Many patients, once started on long-term immunosuppressive therapy, will remain on that treatment for life. Common practice is to discontinue immunosuppressive therapy after two or more years of normalized transaminases and IgG. However, approximately 90% of patients with autoimmune hepatitis will relapse after treatment has been stopped. As a result, some specialists advocate for permanent immunosuppressive therapy in some patients.

==Prognosis==
Without treatment, the ten-year survival rate for individuals with symptomatic autoimmune hepatitis is 50%. However, with treatment, the ten-year survival rate is above 90%. Despite the benefits of treatment, people with autoimmune hepatitis generally have a lower transplant-free survival than the general population. Outcomes with liver transplant are generally favorable with a five-year survival greater than 80 percent.

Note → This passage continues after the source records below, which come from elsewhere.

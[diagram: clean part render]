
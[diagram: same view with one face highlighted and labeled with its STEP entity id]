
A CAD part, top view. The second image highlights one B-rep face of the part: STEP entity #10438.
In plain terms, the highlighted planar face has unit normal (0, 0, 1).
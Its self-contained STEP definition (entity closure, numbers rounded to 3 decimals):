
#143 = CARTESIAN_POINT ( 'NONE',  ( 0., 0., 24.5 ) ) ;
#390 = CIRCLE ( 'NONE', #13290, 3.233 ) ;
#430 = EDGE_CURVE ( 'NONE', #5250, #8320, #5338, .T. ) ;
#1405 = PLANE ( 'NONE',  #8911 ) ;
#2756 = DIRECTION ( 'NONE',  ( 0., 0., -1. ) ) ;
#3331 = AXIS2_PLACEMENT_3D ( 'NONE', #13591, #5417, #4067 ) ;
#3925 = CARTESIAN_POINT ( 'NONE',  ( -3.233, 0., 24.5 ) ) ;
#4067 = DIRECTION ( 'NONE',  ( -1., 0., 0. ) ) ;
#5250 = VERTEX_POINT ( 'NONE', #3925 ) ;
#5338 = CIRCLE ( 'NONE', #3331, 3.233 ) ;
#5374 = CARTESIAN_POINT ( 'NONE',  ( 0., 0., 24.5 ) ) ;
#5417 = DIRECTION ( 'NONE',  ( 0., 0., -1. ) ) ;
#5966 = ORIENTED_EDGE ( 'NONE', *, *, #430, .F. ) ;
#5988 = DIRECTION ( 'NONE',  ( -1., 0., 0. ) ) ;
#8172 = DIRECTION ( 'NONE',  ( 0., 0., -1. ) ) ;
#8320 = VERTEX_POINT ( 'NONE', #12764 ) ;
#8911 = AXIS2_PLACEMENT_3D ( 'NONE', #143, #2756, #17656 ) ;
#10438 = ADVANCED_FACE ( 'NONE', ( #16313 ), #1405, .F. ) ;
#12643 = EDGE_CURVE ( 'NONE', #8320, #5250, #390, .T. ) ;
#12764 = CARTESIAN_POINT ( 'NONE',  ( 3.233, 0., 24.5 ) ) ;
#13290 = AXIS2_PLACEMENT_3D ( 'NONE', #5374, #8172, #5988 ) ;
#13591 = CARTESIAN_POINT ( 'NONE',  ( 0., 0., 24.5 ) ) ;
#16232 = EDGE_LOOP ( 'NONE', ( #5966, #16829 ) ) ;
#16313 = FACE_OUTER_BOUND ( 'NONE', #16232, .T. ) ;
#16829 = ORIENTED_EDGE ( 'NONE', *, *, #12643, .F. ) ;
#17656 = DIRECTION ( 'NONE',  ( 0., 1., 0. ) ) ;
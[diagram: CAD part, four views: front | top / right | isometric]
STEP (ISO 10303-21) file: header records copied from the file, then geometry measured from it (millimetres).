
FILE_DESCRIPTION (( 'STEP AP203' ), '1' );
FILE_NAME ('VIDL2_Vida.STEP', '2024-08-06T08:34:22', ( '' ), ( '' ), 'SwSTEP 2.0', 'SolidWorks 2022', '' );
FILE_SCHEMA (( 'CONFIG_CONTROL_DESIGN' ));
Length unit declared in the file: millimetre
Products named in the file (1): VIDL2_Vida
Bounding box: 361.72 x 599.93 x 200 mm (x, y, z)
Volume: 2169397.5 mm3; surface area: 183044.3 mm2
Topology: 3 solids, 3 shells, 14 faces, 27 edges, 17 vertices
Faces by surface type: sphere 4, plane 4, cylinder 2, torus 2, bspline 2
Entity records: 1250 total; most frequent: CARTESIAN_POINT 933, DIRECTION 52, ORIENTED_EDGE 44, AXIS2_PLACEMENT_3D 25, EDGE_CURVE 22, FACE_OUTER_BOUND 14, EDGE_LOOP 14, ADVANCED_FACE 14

Presentation and response to therapy may differ according to race. African Americans appear to present with a more aggressive disease that is associated with worse outcomes.

==Epidemiology==
Autoimmune hepatitis can develop in people of any race or age but occurs most frequently in women. Eighty percent of cases are the type 1 subtype with women being affected 4 times more often than men; for the type 2 subtype, women are affected 10 times more often than men.

European studies suggest a disease incidence of 1 to 2 people affected per 100,000 population with a prevalence of 10 to 25 people per 100,000 population.

The disease has a bimodal peak occurring between the ages of 10 and 20 and then later in life between the ages of 40 and 50.

==History==
Autoimmune hepatitis was previously called "lupoid" hepatitis due to people having an associated autoimmune disease like system lupus erythematosus at time of diagnosis, which was believed to be its cause. It was originally described in the early 1950s.